(Excerpted records Opens)

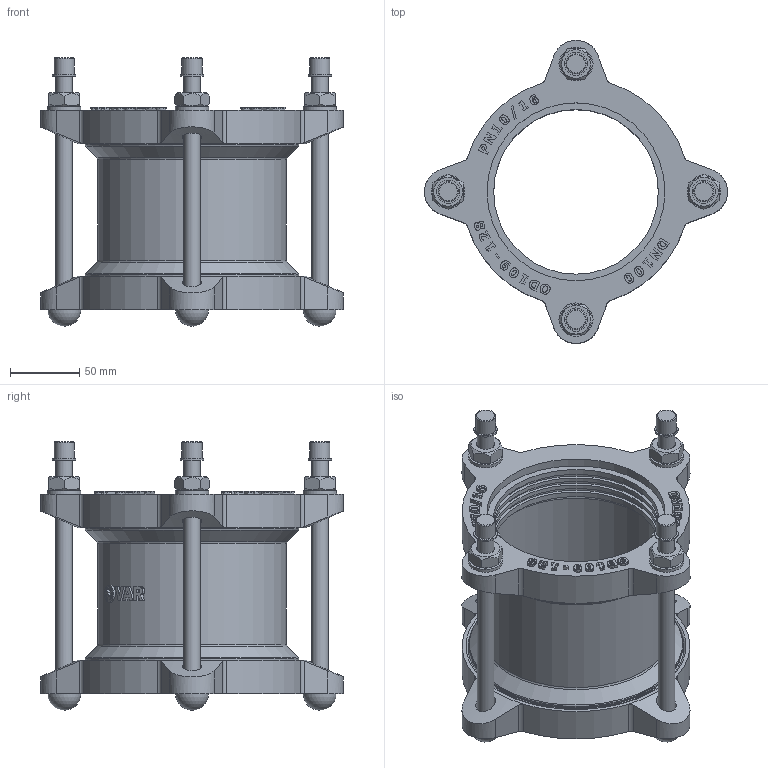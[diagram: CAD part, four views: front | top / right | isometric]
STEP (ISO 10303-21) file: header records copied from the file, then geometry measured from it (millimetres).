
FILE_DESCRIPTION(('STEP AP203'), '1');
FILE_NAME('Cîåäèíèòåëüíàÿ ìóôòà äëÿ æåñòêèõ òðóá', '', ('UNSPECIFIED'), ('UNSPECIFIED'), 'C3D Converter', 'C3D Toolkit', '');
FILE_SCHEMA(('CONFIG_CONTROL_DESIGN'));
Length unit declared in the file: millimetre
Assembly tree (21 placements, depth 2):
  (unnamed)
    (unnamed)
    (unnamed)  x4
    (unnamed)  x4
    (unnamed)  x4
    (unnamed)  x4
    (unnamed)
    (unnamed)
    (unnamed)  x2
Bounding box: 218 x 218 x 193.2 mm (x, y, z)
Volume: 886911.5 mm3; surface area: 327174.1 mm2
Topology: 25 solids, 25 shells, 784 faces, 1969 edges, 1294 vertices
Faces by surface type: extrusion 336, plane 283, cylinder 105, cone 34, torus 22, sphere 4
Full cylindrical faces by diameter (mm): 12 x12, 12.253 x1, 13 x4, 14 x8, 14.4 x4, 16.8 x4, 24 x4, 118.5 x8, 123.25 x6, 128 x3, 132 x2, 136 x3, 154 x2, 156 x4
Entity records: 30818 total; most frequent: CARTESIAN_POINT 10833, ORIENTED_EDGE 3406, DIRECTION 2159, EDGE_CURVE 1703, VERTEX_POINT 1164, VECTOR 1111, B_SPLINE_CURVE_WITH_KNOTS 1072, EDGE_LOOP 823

(Excerpted records Closes)

What is needed:
For this exercise, return the data above exactly and leave every picture out.

Result of the exercise:
[diagram: CAD part, four views: front | top / right | isometric]
STEP (ISO 10303-21) file: header records copied from the file, then geometry measured from it (millimetres).
FILE_DESCRIPTION(('STEP AP203'), '1');
FILE_NAME('Cîåäèíèòåëüíàÿ ìóôòà äëÿ æåñòêèõ òðóá', '', ('UNSPECIFIED'), ('UNSPECIFIED'), 'C3D Converter', 'C3D Toolkit', '');
FILE_SCHEMA(('CONFIG_CONTROL_DESIGN'));
Length unit declared in the file: millimetre
Assembly tree (21 placements, depth 2):
  (unnamed)
    (unnamed)
    (unnamed)  x4
    (unnamed)  x4
    (unnamed)  x4
    (unnamed)  x4
    (unnamed)
    (unnamed)
    (unnamed)  x2
Bounding box: 218 x 218 x 193.2 mm (x, y, z)
Volume: 886911.5 mm3; surface area: 327174.1 mm2
Topology: 25 solids, 25 shells, 784 faces, 1969 edges, 1294 vertices
Faces by surface type: extrusion 336, plane 283, cylinder 105, cone 34, torus 22, sphere 4
Full cylindrical faces by diameter (mm): 12 x12, 12.253 x1, 13 x4, 14 x8, 14.4 x4, 16.8 x4, 24 x4, 118.5 x8, 123.25 x6, 128 x3, 132 x2, 136 x3, 154 x2, 156 x4
Entity records: 30818 total; most frequent: CARTESIAN_POINT 10833, ORIENTED_EDGE 3406, DIRECTION 2159, EDGE_CURVE 1703, VERTEX_POINT 1164, VECTOR 1111, B_SPLINE_CURVE_WITH_KNOTS 1072, EDGE_LOOP 823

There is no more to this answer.